▶ **Exercise aim**: Your task is to write out every line of the data exactly. Drop the pictures.
::::::::
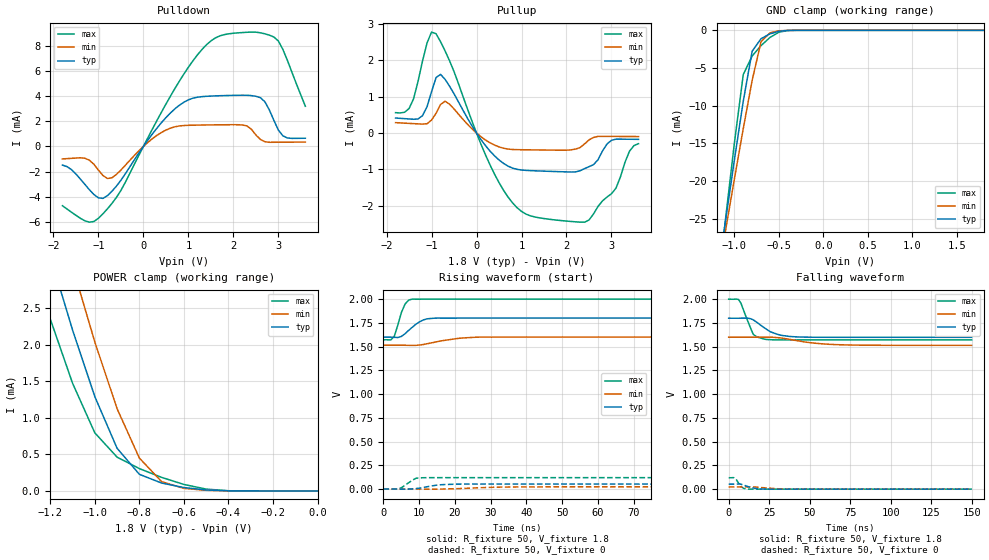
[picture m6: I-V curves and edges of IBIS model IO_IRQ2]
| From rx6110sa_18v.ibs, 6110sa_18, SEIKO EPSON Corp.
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[Model]   IO_IRQ2
Model_type 3-state
Enable Active-High
Polarity Non-Inverting
Vref=1.8
Vmeas=0.90
Rref=5000
C_comp   2.5p   2p   3p
[Temperature Range] 25   85   -40
[Voltage Range]   1.8   1.6   2.0
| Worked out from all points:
|   slope of the pulldown table from 0 to 0.27 V, typ, clamps not added: 206 ohm
|   slope of the pullup table from 0 to 0.27 V, typ, clamps not added: 599 ohm
|   GND clamp passes 1 mA (typ) near -0.68 V on its own axis
|   POWER clamp passes 1 mA (typ) near -0.96 V on its own axis
|   falling waveform, R_fixture 50, V_fixture 1.8: 20-80 % time 11.5ns typ, 21.1ns min, 5.96ns max; typ from 1.8 V to 1.6 V
|   falling waveform, R_fixture 50, V_fixture 0: 20-80 % time 6.38ns typ, NA min, 3.07ns max; typ from 0.053 V to 0 V
|   rising waveform, R_fixture 50, V_fixture 1.8: 20-80 % time 3.9ns typ, 7.86ns min, 2.21ns max; typ from 1.6 V to 1.8 V
|   rising waveform, R_fixture 50, V_fixture 0: 20-80 % time 4.97ns typ, NA min, 2.82ns max; typ from 0 V to 0.053 V
[Pullup]
-1.8V     413.3uA    286.5uA    561.7uA
-1.5V     388.1uA    266uA      674.5uA
-1.2V     479.5uA    246.2uA    1.984mA
-1V       1.135mA    356.7uA    2.776mA
-900mV    1.524mA    543.7uA    2.731mA
-700mV    1.478mA    875.9uA    2.261mA
600mV     -833.9uA   -416.9uA   -1.572mA
1V        -1.016mA   -458.5uA   -2.155mA
1.6V      -1.052mA   -467.6uA   -2.367mA
2.5V      -924.6uA   -188.6uA   -2.391mA
3V        -199.5uA   -92.46uA   -1.668mA
3.6V      -172.6uA   -96.03uA   -292uA
[Pulldown]
-1.8V     -1.483mA   -993.3uA   -4.713mA
-1.2V     -3.445mA   -1.096mA   -6.023mA
-900mV    -4.13mA    -2.311mA   -5.358mA
-700mV    -3.565mA   -2.492mA   -4.533mA
700mV     2.986mA    1.561mA    4.601mA
1.3V      3.956mA    1.701mA    7.698mA
1.7V      4.03mA     1.718mA    8.788mA
2.3V      4.068mA    1.632mA    9.073mA
2.6V      3.878mA    554.6uA    9.033mA
2.9V      2.077mA    330.7uA    8.7mA
3.1V      845.2uA    335.3uA    7.713mA
3.6V      651.4uA    347uA      3.195mA
[GND Clamp]
-1.8V     -84.94mA   -76.24mA   -100.6mA
-1.2V     -33.65mA   -33.58mA   -35.52mA
-1.1V     -25.34mA   -26.62mA   -25.12mA
-1V       -17.22mA   -19.74mA   -14.99mA
-900mV    -9.404mA   -13.04mA   -5.869mA
-800mV    -2.766mA   -6.628mA   -3.399mA
-700mV    -1.108mA   -1.501mA   -2.022mA
-600mV    -467.2uA   -331.2uA   -944.2uA
-500mV    -123.2uA   -66.32uA   -251.8uA
-400mV    -14.38uA   -8.214uA   -22.27uA
1.8V      25.75pA    24.39nA    13.19pA
[POWER Clamp]
-1.8V     9.515mA    10.63mA    8.378mA
-1.3V     4.242mA    5.194mA    3.317mA
-1.2V     3.21mA     4.128mA    2.351mA
-1.1V     2.201mA    3.07mA     1.473mA
-1V       1.29mA     2.036mA    794.1uA
-900mV    583.1uA    1.124mA    461.8uA
-800mV    227.2uA    449.5uA    305.5uA
-700mV    107.6uA    126.8uA    185uA
-600mV    46.57uA    34.75uA    88.82uA
-500mV    12.68uA    8.521uA    25.07uA
-400mV    1.719uA    1.484uA    2.421uA
0V        25.81pA    267.4pA    16.37pA
[Falling Waveform]
R_fixture=50
V_fixture=1.8
V_fixture_min=1.6
V_fixture_max=2.0
0s        1.8V       1.6V       2V
6.061ns   1.8V       1.6V       1.998V
7.576ns   1.8V       1.6V       1.958V
15.15ns   1.783V     1.6V       1.631V
18.18ns   1.747V     1.601V     1.599V
22.73ns   1.691V     1.6V       1.577V
31.82ns   1.622V     1.593V     1.572V
42.42ns   1.603V     1.563V     1.572V
71.21ns   1.599V     1.519V     1.572V
150ns     1.599V     1.514V     1.572V
[Falling Waveform]
R_fixture=50
V_fixture=0
V_fixture_min=0
V_fixture_max=0
0s        52.88mV    23.36mV    120.3mV
3.03ns    52.88mV    23.36mV    121.9mV
4.545ns   52.91mV    23.37mV    105.7mV
7.576ns   52.88mV    23.35mV    29.04mV
9.091ns   44.73mV    23.35mV    9.769mV
12.12ns   25.86mV    23.8mV     816.1uV
18.18ns   2.962mV    20.36mV    135.6uV
22.73ns   429uV      13.34mV    42.8uV
37.88ns   61.73uV    591uV      -2.632uV
150ns     -1.168uV   10.02uV    1.041uV
[Rising Waveform]
R_fixture=50
V_fixture=1.8
V_fixture_min=1.6
V_fixture_max=2.0
0s        1.599V     1.514V     1.572V
2.02ns    1.599V     1.514V     1.569V
3.03ns    1.597V     1.514V     1.606V
5.051ns   1.607V     1.514V     1.861V
6.061ns   1.635V     1.514V     1.948V
8.081ns   1.703V     1.512V     2V
11.11ns   1.779V     1.521V     2V
15.15ns   1.8V       1.552V     2V
26.26ns   1.8V       1.599V     2V
100ns     1.8V       1.6V       2V
[Rising Waveform]
R_fixture=50
V_fixture=0
V_fixture_min=0
V_fixture_max=0
0s        0V         0V         0V
4.04ns    -51.2uV    846.2nV    1.551mV
5.051ns   -603.2uV   13.47uV    13.98mV
8.081ns   1.622mV    34.63uV    92.57mV
9.091ns   4.633mV    -100.4uV   113.4mV
10.1ns    9.836mV    -324.2uV   118mV
15.15ns   42.22mV    -554.8uV   120.3mV
21.21ns   52.05mV    5.022mV    120.3mV
37.37ns   52.88mV    22.17mV    120.3mV
100ns     52.88mV    23.36mV    120.3mV
[Ramp]
R_load=50
dV/dt_r   3.173E-2/4.964E-9   1.402E-2/9.637E-9   7.219E-2/2.809E-9
dV/dt_f   1.205E-1/1.149E-8   5.110E-2/2.082E-8   2.570E-1/5.896E-9
|[End   IO_IRQ2
::::::::
▶ **Finished exercise**:
[picture m6: I-V curves and edges of IBIS model IO_IRQ2]
| From rx6110sa_18v.ibs, 6110sa_18, SEIKO EPSON Corp.
[Model]   IO_IRQ2
Model_type 3-state
Enable Active-High
Polarity Non-Inverting
Vref=1.8
Vmeas=0.90
Rref=5000
C_comp   2.5p   2p   3p
[Temperature Range] 25   85   -40
[Voltage Range]   1.8   1.6   2.0
| Worked out from all points:
|   slope of the pulldown table from 0 to 0.27 V, typ, clamps not added: 206 ohm
|   slope of the pullup table from 0 to 0.27 V, typ, clamps not added: 599 ohm
|   GND clamp passes 1 mA (typ) near -0.68 V on its own axis
|   POWER clamp passes 1 mA (typ) near -0.96 V on its own axis
|   falling waveform, R_fixture 50, V_fixture 1.8: 20-80 % time 11.5ns typ, 21.1ns min, 5.96ns max; typ from 1.8 V to 1.6 V
|   falling waveform, R_fixture 50, V_fixture 0: 20-80 % time 6.38ns typ, NA min, 3.07ns max; typ from 0.053 V to 0 V
|   rising waveform, R_fixture 50, V_fixture 1.8: 20-80 % time 3.9ns typ, 7.86ns min, 2.21ns max; typ from 1.6 V to 1.8 V
|   rising waveform, R_fixture 50, V_fixture 0: 20-80 % time 4.97ns typ, NA min, 2.82ns max; typ from 0 V to 0.053 V
[Pullup]
-1.8V     413.3uA    286.5uA    561.7uA
-1.5V     388.1uA    266uA      674.5uA
-1.2V     479.5uA    246.2uA    1.984mA
-1V       1.135mA    356.7uA    2.776mA
-900mV    1.524mA    543.7uA    2.731mA
-700mV    1.478mA    875.9uA    2.261mA
600mV     -833.9uA   -416.9uA   -1.572mA
1V        -1.016mA   -458.5uA   -2.155mA
1.6V      -1.052mA   -467.6uA   -2.367mA
2.5V      -924.6uA   -188.6uA   -2.391mA
3V        -199.5uA   -92.46uA   -1.668mA
3.6V      -172.6uA   -96.03uA   -292uA
[Pulldown]
-1.8V     -1.483mA   -993.3uA   -4.713mA
-1.2V     -3.445mA   -1.096mA   -6.023mA
-900mV    -4.13mA    -2.311mA   -5.358mA
-700mV    -3.565mA   -2.492mA   -4.533mA
700mV     2.986mA    1.561mA    4.601mA
1.3V      3.956mA    1.701mA    7.698mA
1.7V      4.03mA     1.718mA    8.788mA
2.3V      4.068mA    1.632mA    9.073mA
2.6V      3.878mA    554.6uA    9.033mA
2.9V      2.077mA    330.7uA    8.7mA
3.1V      845.2uA    335.3uA    7.713mA
3.6V      651.4uA    347uA      3.195mA
[GND Clamp]
-1.8V     -84.94mA   -76.24mA   -100.6mA
-1.2V     -33.65mA   -33.58mA   -35.52mA
-1.1V     -25.34mA   -26.62mA   -25.12mA
-1V       -17.22mA   -19.74mA   -14.99mA
-900mV    -9.404mA   -13.04mA   -5.869mA
-800mV    -2.766mA   -6.628mA   -3.399mA
-700mV    -1.108mA   -1.501mA   -2.022mA
-600mV    -467.2uA   -331.2uA   -944.2uA
-500mV    -123.2uA   -66.32uA   -251.8uA
-400mV    -14.38uA   -8.214uA   -22.27uA
1.8V      25.75pA    24.39nA    13.19pA
[POWER Clamp]
-1.8V     9.515mA    10.63mA    8.378mA
-1.3V     4.242mA    5.194mA    3.317mA
-1.2V     3.21mA     4.128mA    2.351mA
-1.1V     2.201mA    3.07mA     1.473mA
-1V       1.29mA     2.036mA    794.1uA
-900mV    583.1uA    1.124mA    461.8uA
-800mV    227.2uA    449.5uA    305.5uA
-700mV    107.6uA    126.8uA    185uA
-600mV    46.57uA    34.75uA    88.82uA
-500mV    12.68uA    8.521uA    25.07uA
-400mV    1.719uA    1.484uA    2.421uA
0V        25.81pA    267.4pA    16.37pA
[Falling Waveform]
R_fixture=50
V_fixture=1.8
V_fixture_min=1.6
V_fixture_max=2.0
0s        1.8V       1.6V       2V
6.061ns   1.8V       1.6V       1.998V
7.576ns   1.8V       1.6V       1.958V
15.15ns   1.783V     1.6V       1.631V
18.18ns   1.747V     1.601V     1.599V
22.73ns   1.691V     1.6V       1.577V
31.82ns   1.622V     1.593V     1.572V
42.42ns   1.603V     1.563V     1.572V
71.21ns   1.599V     1.519V     1.572V
150ns     1.599V     1.514V     1.572V
[Falling Waveform]
R_fixture=50
V_fixture=0
V_fixture_min=0
V_fixture_max=0
0s        52.88mV    23.36mV    120.3mV
3.03ns    52.88mV    23.36mV    121.9mV
4.545ns   52.91mV    23.37mV    105.7mV
7.576ns   52.88mV    23.35mV    29.04mV
9.091ns   44.73mV    23.35mV    9.769mV
12.12ns   25.86mV    23.8mV     816.1uV
18.18ns   2.962mV    20.36mV    135.6uV
22.73ns   429uV      13.34mV    42.8uV
37.88ns   61.73uV    591uV      -2.632uV
150ns     -1.168uV   10.02uV    1.041uV
[Rising Waveform]
R_fixture=50
V_fixture=1.8
V_fixture_min=1.6
V_fixture_max=2.0
0s        1.599V     1.514V     1.572V
2.02ns    1.599V     1.514V     1.569V
3.03ns    1.597V     1.514V     1.606V
5.051ns   1.607V     1.514V     1.861V
6.061ns   1.635V     1.514V     1.948V
8.081ns   1.703V     1.512V     2V
11.11ns   1.779V     1.521V     2V
15.15ns   1.8V       1.552V     2V
26.26ns   1.8V       1.599V     2V
100ns     1.8V       1.6V       2V
[Rising Waveform]
R_fixture=50
V_fixture=0
V_fixture_min=0
V_fixture_max=0
0s        0V         0V         0V
4.04ns    -51.2uV    846.2nV    1.551mV
5.051ns   -603.2uV   13.47uV    13.98mV
8.081ns   1.622mV    34.63uV    92.57mV
9.091ns   4.633mV    -100.4uV   113.4mV
10.1ns    9.836mV    -324.2uV   118mV
15.15ns   42.22mV    -554.8uV   120.3mV
21.21ns   52.05mV    5.022mV    120.3mV
37.37ns   52.88mV    22.17mV    120.3mV
100ns     52.88mV    23.36mV    120.3mV
[Ramp]
R_load=50
dV/dt_r   3.173E-2/4.964E-9   1.402E-2/9.637E-9   7.219E-2/2.809E-9
dV/dt_f   1.205E-1/1.149E-8   5.110E-2/2.082E-8   2.570E-1/5.896E-9
|[End   IO_IRQ2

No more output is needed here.